WHAT IS NEEDED:
Each line of the data must be written out again verbatim; no image belongs in the copy.

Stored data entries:

******************************

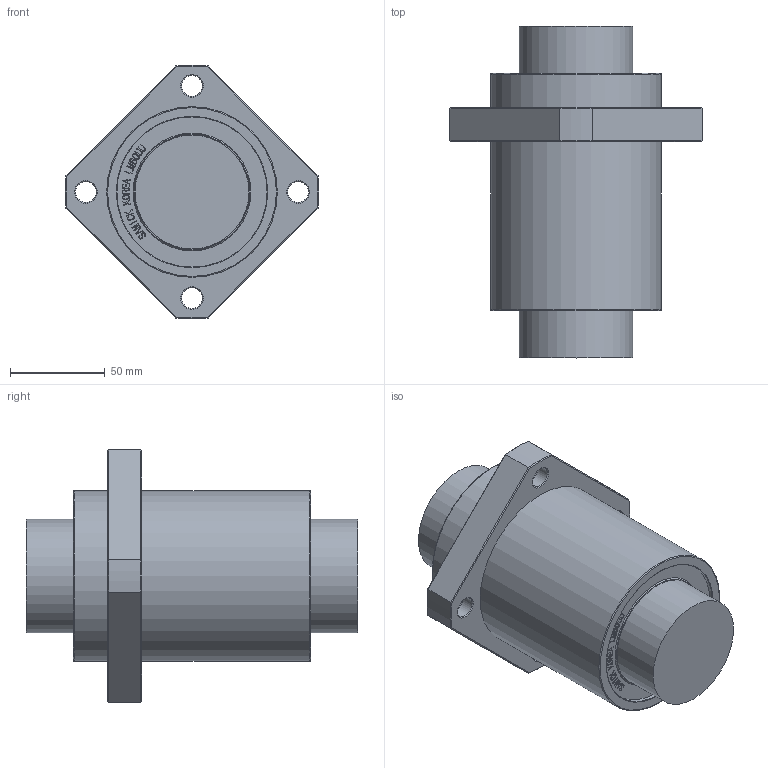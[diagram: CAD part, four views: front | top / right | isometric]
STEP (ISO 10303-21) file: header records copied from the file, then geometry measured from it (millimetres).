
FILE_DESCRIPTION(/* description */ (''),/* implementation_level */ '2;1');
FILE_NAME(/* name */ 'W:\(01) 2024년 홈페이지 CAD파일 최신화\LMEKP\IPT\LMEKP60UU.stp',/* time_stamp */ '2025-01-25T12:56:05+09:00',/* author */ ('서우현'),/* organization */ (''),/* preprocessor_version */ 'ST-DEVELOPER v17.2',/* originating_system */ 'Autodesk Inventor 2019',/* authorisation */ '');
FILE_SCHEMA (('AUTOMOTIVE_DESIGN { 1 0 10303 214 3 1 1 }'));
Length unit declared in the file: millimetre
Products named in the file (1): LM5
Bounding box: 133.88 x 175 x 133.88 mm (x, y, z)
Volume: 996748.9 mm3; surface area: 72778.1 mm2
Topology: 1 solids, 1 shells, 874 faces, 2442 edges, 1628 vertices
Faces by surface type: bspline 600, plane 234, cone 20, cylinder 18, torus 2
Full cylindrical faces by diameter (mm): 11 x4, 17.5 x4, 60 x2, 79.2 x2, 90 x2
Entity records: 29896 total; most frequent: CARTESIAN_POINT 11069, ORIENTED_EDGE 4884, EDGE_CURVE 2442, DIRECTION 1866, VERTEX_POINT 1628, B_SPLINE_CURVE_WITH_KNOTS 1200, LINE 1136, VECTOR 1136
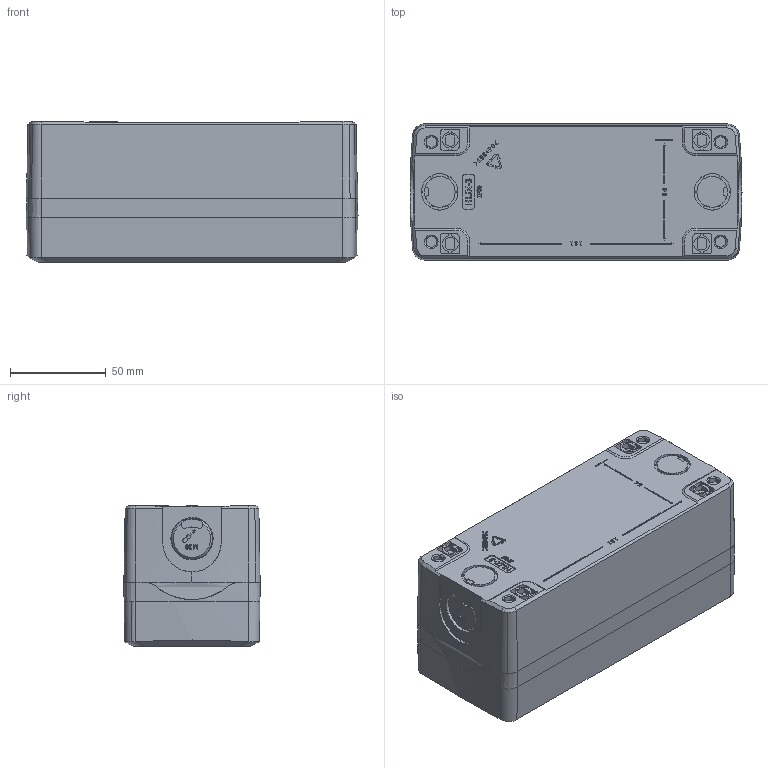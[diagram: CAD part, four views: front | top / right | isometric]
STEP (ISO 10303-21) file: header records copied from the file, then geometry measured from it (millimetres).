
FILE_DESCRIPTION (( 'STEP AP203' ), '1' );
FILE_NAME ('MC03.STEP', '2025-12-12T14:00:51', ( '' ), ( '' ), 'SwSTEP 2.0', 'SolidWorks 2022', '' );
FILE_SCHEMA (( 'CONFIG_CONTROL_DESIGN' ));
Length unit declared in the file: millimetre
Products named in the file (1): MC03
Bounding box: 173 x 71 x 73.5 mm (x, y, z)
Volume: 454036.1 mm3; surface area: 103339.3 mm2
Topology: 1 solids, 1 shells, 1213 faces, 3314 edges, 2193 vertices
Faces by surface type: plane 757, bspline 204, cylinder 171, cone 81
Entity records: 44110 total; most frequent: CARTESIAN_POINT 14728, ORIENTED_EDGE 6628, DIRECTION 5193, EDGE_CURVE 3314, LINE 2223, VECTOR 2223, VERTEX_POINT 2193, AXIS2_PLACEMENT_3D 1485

******************************

EXERCISE SOLUTION:
[diagram: CAD part, four views: front | top / right | isometric]
STEP (ISO 10303-21) file: header records copied from the file, then geometry measured from it (millimetres).
FILE_DESCRIPTION(/* description */ (''),/* implementation_level */ '2;1');
FILE_NAME(/* name */ 'W:\(01) 2024년 홈페이지 CAD파일 최신화\LMEKP\IPT\LMEKP60UU.stp',/* time_stamp */ '2025-01-25T12:56:05+09:00',/* author */ ('서우현'),/* organization */ (''),/* preprocessor_version */ 'ST-DEVELOPER v17.2',/* originating_system */ 'Autodesk Inventor 2019',/* authorisation */ '');
FILE_SCHEMA (('AUTOMOTIVE_DESIGN { 1 0 10303 214 3 1 1 }'));
Length unit declared in the file: millimetre
Products named in the file (1): LM5
Bounding box: 133.88 x 175 x 133.88 mm (x, y, z)
Volume: 996748.9 mm3; surface area: 72778.1 mm2
Topology: 1 solids, 1 shells, 874 faces, 2442 edges, 1628 vertices
Faces by surface type: bspline 600, plane 234, cone 20, cylinder 18, torus 2
Full cylindrical faces by diameter (mm): 11 x4, 17.5 x4, 60 x2, 79.2 x2, 90 x2
Entity records: 29896 total; most frequent: CARTESIAN_POINT 11069, ORIENTED_EDGE 4884, EDGE_CURVE 2442, DIRECTION 1866, VERTEX_POINT 1628, B_SPLINE_CURVE_WITH_KNOTS 1200, LINE 1136, VECTOR 1136
[diagram: CAD part, four views: front | top / right | isometric]
STEP (ISO 10303-21) file: header records copied from the file, then geometry measured from it (millimetres).
FILE_DESCRIPTION (( 'STEP AP203' ), '1' );
FILE_NAME ('MC03.STEP', '2025-12-12T14:00:51', ( '' ), ( '' ), 'SwSTEP 2.0', 'SolidWorks 2022', '' );
FILE_SCHEMA (( 'CONFIG_CONTROL_DESIGN' ));
Length unit declared in the file: millimetre
Products named in the file (1): MC03
Bounding box: 173 x 71 x 73.5 mm (x, y, z)
Volume: 454036.1 mm3; surface area: 103339.3 mm2
Topology: 1 solids, 1 shells, 1213 faces, 3314 edges, 2193 vertices
Faces by surface type: plane 757, bspline 204, cylinder 171, cone 81
Entity records: 44110 total; most frequent: CARTESIAN_POINT 14728, ORIENTED_EDGE 6628, DIRECTION 5193, EDGE_CURVE 3314, LINE 2223, VECTOR 2223, VERTEX_POINT 2193, AXIS2_PLACEMENT_3D 1485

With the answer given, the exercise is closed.